Stop after the line with "#1749 = CARTESIAN_POINT". Up to that point, output every line of the listing below exactly from the first one onward, skipping pictures.

== SOURCE DATA ==

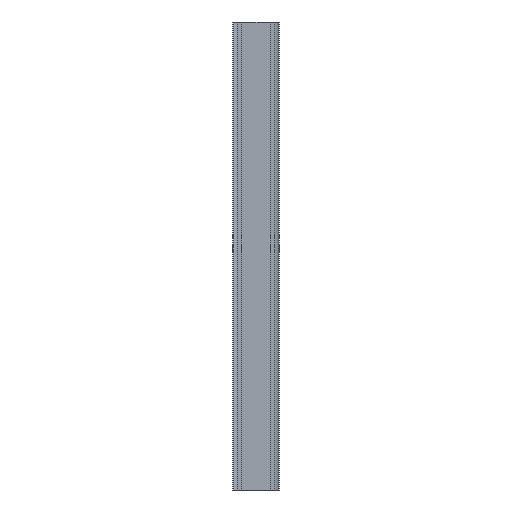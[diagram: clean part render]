
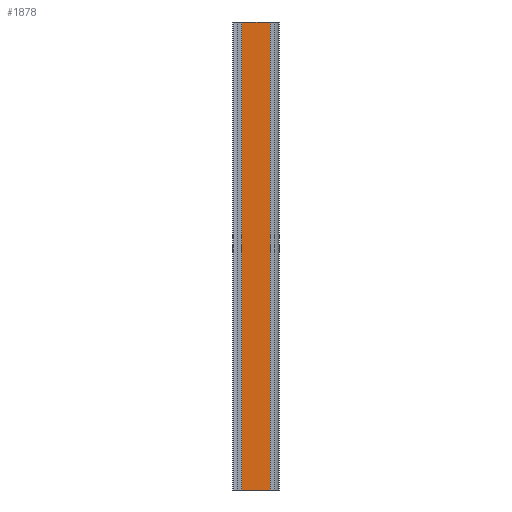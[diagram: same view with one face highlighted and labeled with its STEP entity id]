
A CAD part, front view. The second image highlights one B-rep face of the part: STEP entity #1878.
In plain terms, the highlighted planar face has unit normal (0, -1, 0).
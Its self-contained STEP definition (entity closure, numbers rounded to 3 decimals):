
#4 = AXIS2_PLACEMENT_3D ( 'NONE', #2259, #1102, #737 ) ;
#127 = CARTESIAN_POINT ( 'NONE',  ( -250., 0., 7.5 ) ) ;
#208 = EDGE_CURVE ( 'NONE', #286, #2300, #1754, .T. ) ;
#286 = VERTEX_POINT ( 'NONE', #127 ) ;
#292 = ORIENTED_EDGE ( 'NONE', *, *, #2179, .F. ) ;
#310 = LINE ( 'NONE', #1065, #1907 ) ;
#320 = ORIENTED_EDGE ( 'NONE', *, *, #208, .T. ) ;
#418 = LINE ( 'NONE', #1749, #768 ) ;
#472 = LINE ( 'NONE', #484, #2294 ) ;
#484 = CARTESIAN_POINT ( 'NONE',  ( -250., 0., 7.5 ) ) ;
#551 = PLANE ( 'NONE',  #4 ) ;
#618 = EDGE_CURVE ( 'NONE', #2300, #2264, #418, .T. ) ;
#640 = DIRECTION ( 'NONE',  ( 1., 0., 0. ) ) ;
#675 = DIRECTION ( 'NONE',  ( 0., 0., -1. ) ) ;
#737 = DIRECTION ( 'NONE',  ( 0., 0., -1. ) ) ;
#750 = FACE_OUTER_BOUND ( 'NONE', #769, .T. ) ;
#768 = VECTOR ( 'NONE', #640, 1000. ) ;
#769 = EDGE_LOOP ( 'NONE', ( #292, #1792, #320, #1172 ) ) ;
#842 = DIRECTION ( 'NONE',  ( 1., 0., 0. ) ) ;
#906 = CARTESIAN_POINT ( 'NONE',  ( 0., 0., -7.5 ) ) ;
#1065 = CARTESIAN_POINT ( 'NONE',  ( 0., 0., 7.5 ) ) ;
#1102 = DIRECTION ( 'NONE',  ( 0., -1., 0. ) ) ;
#1172 = ORIENTED_EDGE ( 'NONE', *, *, #618, .T. ) ;
#1256 = EDGE_CURVE ( 'NONE', #286, #1315, #472, .T. ) ;
#1315 = VERTEX_POINT ( 'NONE', #2379 ) ;
#1345 = VECTOR ( 'NONE', #1557, 1000. ) ;
#1557 = DIRECTION ( 'NONE',  ( 0., 0., -1. ) ) ;
#1591 = CARTESIAN_POINT ( 'NONE',  ( -250., 0., 7.5 ) ) ;
#1749 = CARTESIAN_POINT ( 'NONE',  ( -250., 0., -7.5 ) ) ;
#1754 = LINE ( 'NONE', #1591, #1345 ) ;
#1792 = ORIENTED_EDGE ( 'NONE', *, *, #1256, .F. ) ;
#1878 = ADVANCED_FACE ( 'NONE', ( #750 ), #551, .T. ) ;
#1907 = VECTOR ( 'NONE', #675, 1000. ) ;
#2179 = EDGE_CURVE ( 'NONE', #1315, #2264, #310, .T. ) ;
#2259 = CARTESIAN_POINT ( 'NONE',  ( -250., 0., 7.5 ) ) ;
#2264 = VERTEX_POINT ( 'NONE', #906 ) ;
#2294 = VECTOR ( 'NONE', #842, 1000. ) ;
#2300 = VERTEX_POINT ( 'NONE', #2423 ) ;
#2379 = CARTESIAN_POINT ( 'NONE',  ( 0., 0., 7.5 ) ) ;
#2423 = CARTESIAN_POINT ( 'NONE',  ( -250., 0., -7.5 ) ) ;
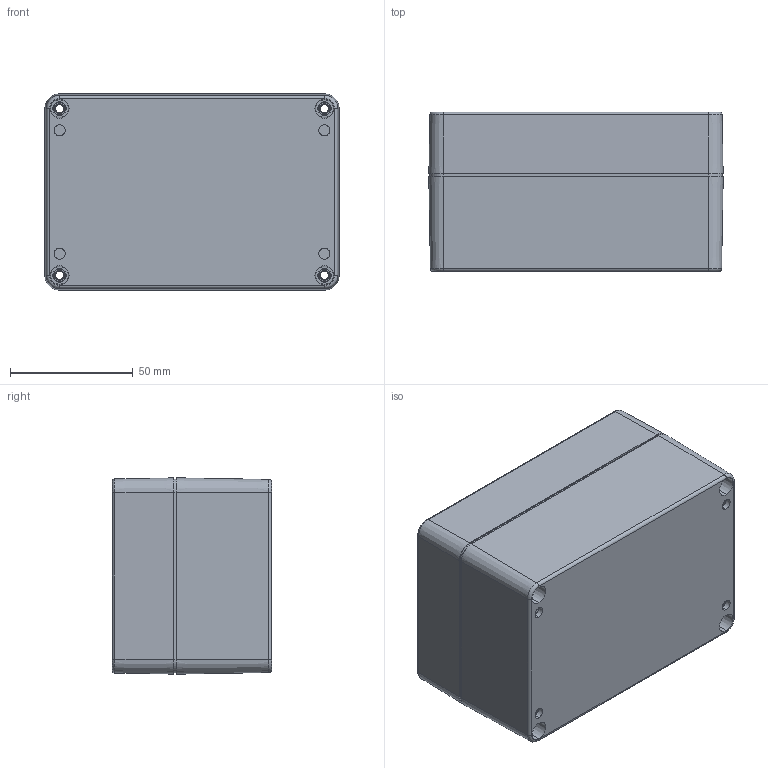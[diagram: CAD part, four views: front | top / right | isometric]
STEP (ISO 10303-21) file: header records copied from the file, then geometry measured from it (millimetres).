
FILE_DESCRIPTION (( 'STEP AP203' ), '1' );
FILE_NAME ('SE-215-0-0.STEP', '2020-04-01T11:37:27', ( '' ), ( '' ), 'SwSTEP 2.0', 'SolidWorks 2020', '' );
FILE_SCHEMA (( 'CONFIG_CONTROL_DESIGN' ));
Length unit declared in the file: millimetre
Products named in the file (4): SE-214_pcb_sample; SE-215-0-0; SE-217-P-1; SE-214-P-2
Assembly tree (3 placements, depth 2):
  SE-215-0-0
    SE-214-P-2
    SE-217-P-1
    SE-214_pcb_sample
Bounding box: 120.07 x 64.9 x 80.07 mm (x, y, z)
Volume: 156358.7 mm3; surface area: 117962.7 mm2
Topology: 11 solids, 11 shells, 1388 faces, 3663 edges, 2378 vertices
Faces by surface type: bspline 456, cylinder 364, plane 315, cone 245, torus 8
Entity records: 48815 total; most frequent: CARTESIAN_POINT 16455, ORIENTED_EDGE 7326, DIRECTION 5841, EDGE_CURVE 3663, VERTEX_POINT 2378, AXIS2_PLACEMENT_3D 2168, EDGE_LOOP 1529, LINE 1505
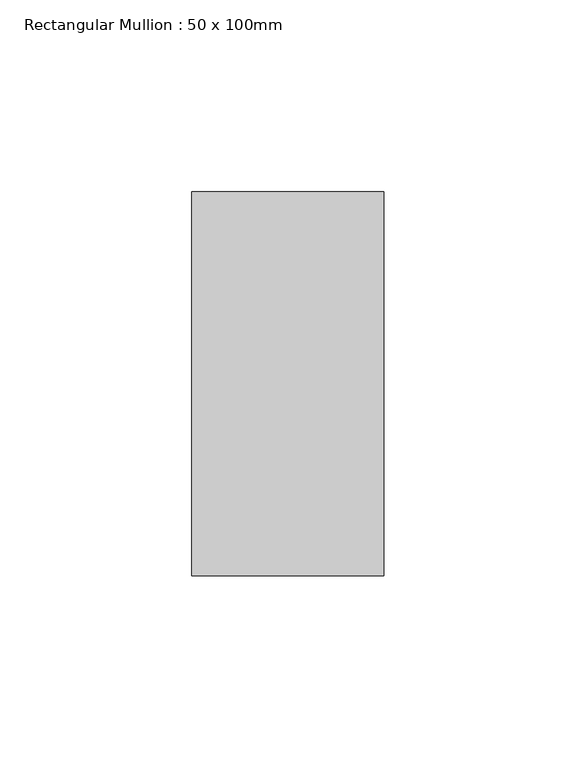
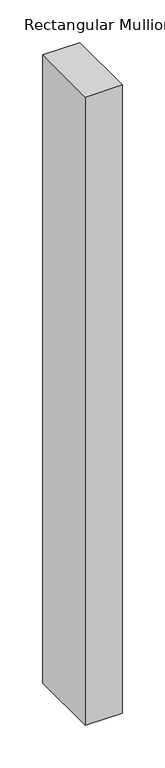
"""IFC4 building model written with IfcOpenShell, lengths in millimetres: member geometry, Rectangular Mullion : 50 x 100mm."""

from ifc_helpers import new_model, si_unit, frame, origin, place, context, project, spatial, polyline, outline, extrude, source, transform, mapped, element, save


def rectangular_mullion_50_x_100mm_afb0b622(model_context):
    return source(origin(), model_context, "Body", "SweptSolid", [
        extrude(outline(polyline([(0.0, 50.0), (0.0, -50.0), (-50.0, -50.0), (-50.0, 50.0), (0.0, 50.0)])), frame((0.0, 0.0, -900.0), z_axis=(0.0, 0.0, 1.0), x_axis=(1.0, 0.0, 0.0)), (0.0, 0.0, 1.0), 900.0),
    ])


if __name__ == "__main__":
    model = new_model("IFC4")
    model_context = context("Model", 3, world=origin())
    ifc_project = project(units=[si_unit("LENGTHUNIT", "METRE", prefix="MILLI")], contexts=[model_context])
    site = spatial("IfcSite", under=ifc_project)
    building = spatial("IfcBuilding", under=site)
    placement = place(None, origin())
    rectangular_mullion_50_x_100mm_shape = rectangular_mullion_50_x_100mm_afb0b622(model_context)
    element("IfcMember", 1, ObjectType="Rectangular Mullion : 50 x 100mm", at=placement, inside=building, context=model_context, shape_type="MappedRepresentation", body=[
        mapped(rectangular_mullion_50_x_100mm_shape, transform((0.0, 0.0, 0.0), x_axis=(1.0, 0.0, 0.0), y_axis=(0.0, 1.0, 0.0), z_axis=(0.0, 0.0, 1.0))),
    ])
    save(model, "model.ifc")
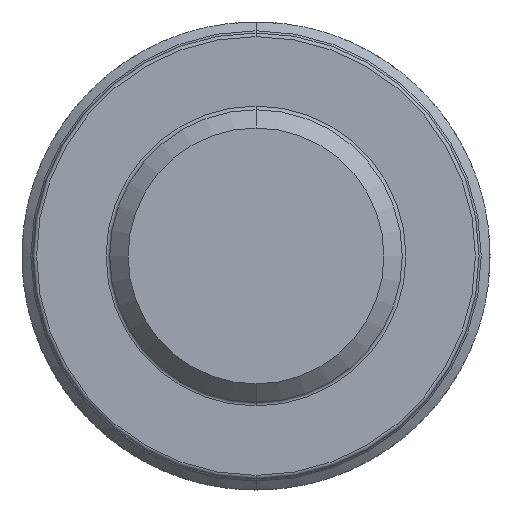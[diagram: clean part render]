
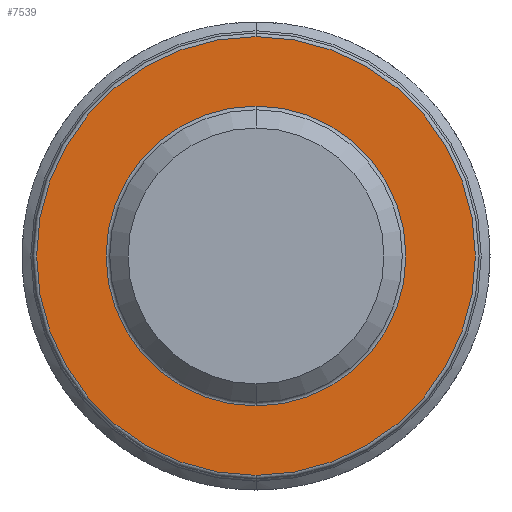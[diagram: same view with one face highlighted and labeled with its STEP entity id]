
A CAD part, front view. The second image highlights one B-rep face of the part: STEP entity #7539.
In plain terms, the highlighted planar face has unit normal (0, -1, 0).
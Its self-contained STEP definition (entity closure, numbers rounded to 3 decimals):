
#73 = EDGE_CURVE ( 'NONE', #4845, #5187, #7110, .T. ) ;
#76 = EDGE_LOOP ( 'NONE', ( #1986, #5467 ) ) ;
#629 = AXIS2_PLACEMENT_3D ( 'NONE', #8102, #6893, #8059 ) ;
#882 = CIRCLE ( 'NONE', #1694, 6. ) ;
#946 = EDGE_CURVE ( 'NONE', #5187, #4845, #7644, .T. ) ;
#1085 = EDGE_CURVE ( 'NONE', #6954, #2881, #882, .T. ) ;
#1138 = CIRCLE ( 'NONE', #2614, 6. ) ;
#1694 = AXIS2_PLACEMENT_3D ( 'NONE', #5738, #3193, #6286 ) ;
#1839 = CARTESIAN_POINT ( 'NONE',  ( 4., -8., 0. ) ) ;
#1986 = ORIENTED_EDGE ( 'NONE', *, *, #4554, .T. ) ;
#2036 = AXIS2_PLACEMENT_3D ( 'NONE', #1839, #4389, #3106 ) ;
#2614 = AXIS2_PLACEMENT_3D ( 'NONE', #4386, #6112, #5559 ) ;
#2851 = DIRECTION ( 'NONE',  ( 0., 1., 0. ) ) ;
#2861 = CARTESIAN_POINT ( 'NONE',  ( 0., -8., -4.1 ) ) ;
#2881 = VERTEX_POINT ( 'NONE', #8142 ) ;
#3106 = DIRECTION ( 'NONE',  ( 0., 0., -1. ) ) ;
#3193 = DIRECTION ( 'NONE',  ( 0., -1., 0. ) ) ;
#3702 = FACE_OUTER_BOUND ( 'NONE', #76, .T. ) ;
#3949 = CARTESIAN_POINT ( 'NONE',  ( 0., -8., 4.1 ) ) ;
#4038 = EDGE_LOOP ( 'NONE', ( #7225, #5064 ) ) ;
#4166 = CARTESIAN_POINT ( 'NONE',  ( 0., -8., 6. ) ) ;
#4260 = CARTESIAN_POINT ( 'NONE',  ( 0., -8., 0. ) ) ;
#4386 = CARTESIAN_POINT ( 'NONE',  ( 0., -8., 0. ) ) ;
#4389 = DIRECTION ( 'NONE',  ( 0., -1., 0. ) ) ;
#4554 = EDGE_CURVE ( 'NONE', #2881, #6954, #1138, .T. ) ;
#4845 = VERTEX_POINT ( 'NONE', #3949 ) ;
#5064 = ORIENTED_EDGE ( 'NONE', *, *, #73, .T. ) ;
#5082 = AXIS2_PLACEMENT_3D ( 'NONE', #4260, #2851, #6836 ) ;
#5187 = VERTEX_POINT ( 'NONE', #2861 ) ;
#5467 = ORIENTED_EDGE ( 'NONE', *, *, #1085, .T. ) ;
#5559 = DIRECTION ( 'NONE',  ( 0., 0., -1. ) ) ;
#5738 = CARTESIAN_POINT ( 'NONE',  ( 0., -8., 0. ) ) ;
#6112 = DIRECTION ( 'NONE',  ( 0., -1., 0. ) ) ;
#6285 = PLANE ( 'NONE',  #2036 ) ;
#6286 = DIRECTION ( 'NONE',  ( 0., 0., -1. ) ) ;
#6836 = DIRECTION ( 'NONE',  ( 0., 0., -1. ) ) ;
#6880 = FACE_BOUND ( 'NONE', #4038, .T. ) ;
#6893 = DIRECTION ( 'NONE',  ( 0., 1., 0. ) ) ;
#6954 = VERTEX_POINT ( 'NONE', #4166 ) ;
#7110 = CIRCLE ( 'NONE', #629, 4.1 ) ;
#7225 = ORIENTED_EDGE ( 'NONE', *, *, #946, .T. ) ;
#7539 = ADVANCED_FACE ( 'NONE', ( #6880, #3702 ), #6285, .T. ) ;
#7644 = CIRCLE ( 'NONE', #5082, 4.1 ) ;
#8059 = DIRECTION ( 'NONE',  ( 0., 0., -1. ) ) ;
#8102 = CARTESIAN_POINT ( 'NONE',  ( 0., -8., 0. ) ) ;
#8142 = CARTESIAN_POINT ( 'NONE',  ( 0., -8., -6. ) ) ;
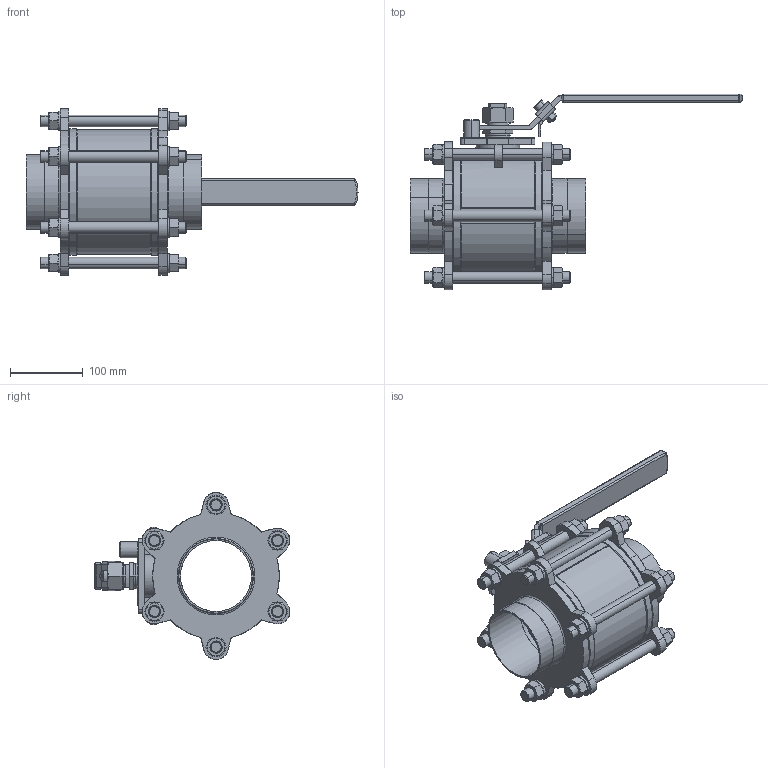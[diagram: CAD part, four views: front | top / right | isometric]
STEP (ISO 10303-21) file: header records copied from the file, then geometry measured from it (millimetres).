
FILE_DESCRIPTION (( 'STEP AP203' ), '1' );
FILE_NAME ('BAV-W-4.0.STEP', '2019-06-17T06:11:29', ( '' ), ( '' ), 'SwSTEP 2.0', 'SolidWorks 2014', '' );
FILE_SCHEMA (( 'CONFIG_CONTROL_DESIGN' ));
Length unit declared in the file: millimetre
Products named in the file (21): 2WAY-BOLT NUT-4.0; 2WAY-GLAND-4.0; 2WAY-HANDLE-4.0-3-1; BAV-W-4.0; 2WAY-CAP-W-4.0; 2WAY-HANDLE-4.0; 2WAY-BODY-4.0; 2WAY-STOP PIN-4.0; 2WAY-STEM PACKINGS-4.0; 2WAY-HANDLE-4.0-1; 2WAY-BALL-4.0; 2WAY-HANDLE NUT-4.0; 2WAY-GASKET-4.0; 2WAY-HANDLE-4.0-3; 2WAY-HANDLE WASHERS-4.0; 2WAY-THRUST WASHER-4.0; 2WAY-BOLT WASHERS-4.0; 2WAY-HANDLE-4.0-2; 2WAY-STEM-4.0; 2WAY-BOLT-4.0; 2WAY-SEAT-4.0
Assembly tree (50 placements, depth 2):
  BAV-W-4.0
    2WAY-BODY-4.0
    2WAY-STEM-4.0
    2WAY-THRUST WASHER-4.0
    2WAY-BALL-4.0
    2WAY-SEAT-4.0  x2
    2WAY-GASKET-4.0  x2
    2WAY-GLAND-4.0
    2WAY-STEM PACKINGS-4.0
    2WAY-HANDLE NUT-4.0
    2WAY-HANDLE WASHERS-4.0
    2WAY-HANDLE-4.0
    2WAY-HANDLE-4.0-1
    2WAY-HANDLE-4.0-2
    2WAY-HANDLE-4.0-3
    2WAY-HANDLE-4.0-3-1
    2WAY-STOP PIN-4.0
    2WAY-BOLT-4.0  x6
    2WAY-BOLT NUT-4.0  x12
    2WAY-BOLT WASHERS-4.0  x12
    2WAY-CAP-W-4.0  x2
Bounding box: 455.41 x 268.66 x 228.99 mm (x, y, z)
Volume: 3073000.9 mm3; surface area: 771222.8 mm2
Topology: 50 solids, 50 shells, 1243 faces, 2855 edges, 1709 vertices
Faces by surface type: cylinder 462, plane 326, cone 215, torus 171, sphere 39, bspline 30
Entity records: 27040 total; most frequent: CARTESIAN_POINT 6207, DIRECTION 4088, ORIENTED_EDGE 3510, EDGE_CURVE 1755, AXIS2_PLACEMENT_3D 1719, VERTEX_POINT 1035, CIRCLE 922, EDGE_LOOP 850

===

(TASK SOLUTION):
[diagram: clean part render]
[diagram: same view with one face highlighted and labeled with its STEP entity id]
A CAD part, front view. The second image highlights one B-rep face of the part: STEP entity #1878.
In plain terms, the highlighted planar face has unit normal (0, -1, 0).
Its self-contained STEP definition (entity closure, numbers rounded to 3 decimals):
#4 = AXIS2_PLACEMENT_3D ( 'NONE', #2259, #1102, #737 ) ;
#127 = CARTESIAN_POINT ( 'NONE',  ( -250., 0., 7.5 ) ) ;
#208 = EDGE_CURVE ( 'NONE', #286, #2300, #1754, .T. ) ;
#286 = VERTEX_POINT ( 'NONE', #127 ) ;
#292 = ORIENTED_EDGE ( 'NONE', *, *, #2179, .F. ) ;
#310 = LINE ( 'NONE', #1065, #1907 ) ;
#320 = ORIENTED_EDGE ( 'NONE', *, *, #208, .T. ) ;
#418 = LINE ( 'NONE', #1749, #768 ) ;
#472 = LINE ( 'NONE', #484, #2294 ) ;
#484 = CARTESIAN_POINT ( 'NONE',  ( -250., 0., 7.5 ) ) ;
#551 = PLANE ( 'NONE',  #4 ) ;
#618 = EDGE_CURVE ( 'NONE', #2300, #2264, #418, .T. ) ;
#640 = DIRECTION ( 'NONE',  ( 1., 0., 0. ) ) ;
#675 = DIRECTION ( 'NONE',  ( 0., 0., -1. ) ) ;
#737 = DIRECTION ( 'NONE',  ( 0., 0., -1. ) ) ;
#750 = FACE_OUTER_BOUND ( 'NONE', #769, .T. ) ;
#768 = VECTOR ( 'NONE', #640, 1000. ) ;
#769 = EDGE_LOOP ( 'NONE', ( #292, #1792, #320, #1172 ) ) ;
#842 = DIRECTION ( 'NONE',  ( 1., 0., 0. ) ) ;
#906 = CARTESIAN_POINT ( 'NONE',  ( 0., 0., -7.5 ) ) ;
#1065 = CARTESIAN_POINT ( 'NONE',  ( 0., 0., 7.5 ) ) ;
#1102 = DIRECTION ( 'NONE',  ( 0., -1., 0. ) ) ;
#1172 = ORIENTED_EDGE ( 'NONE', *, *, #618, .T. ) ;
#1256 = EDGE_CURVE ( 'NONE', #286, #1315, #472, .T. ) ;
#1315 = VERTEX_POINT ( 'NONE', #2379 ) ;
#1345 = VECTOR ( 'NONE', #1557, 1000. ) ;
#1557 = DIRECTION ( 'NONE',  ( 0., 0., -1. ) ) ;
#1591 = CARTESIAN_POINT ( 'NONE',  ( -250., 0., 7.5 ) ) ;
#1749 = CARTESIAN_POINT ( 'NONE',  ( -250., 0., -7.5 ) ) ;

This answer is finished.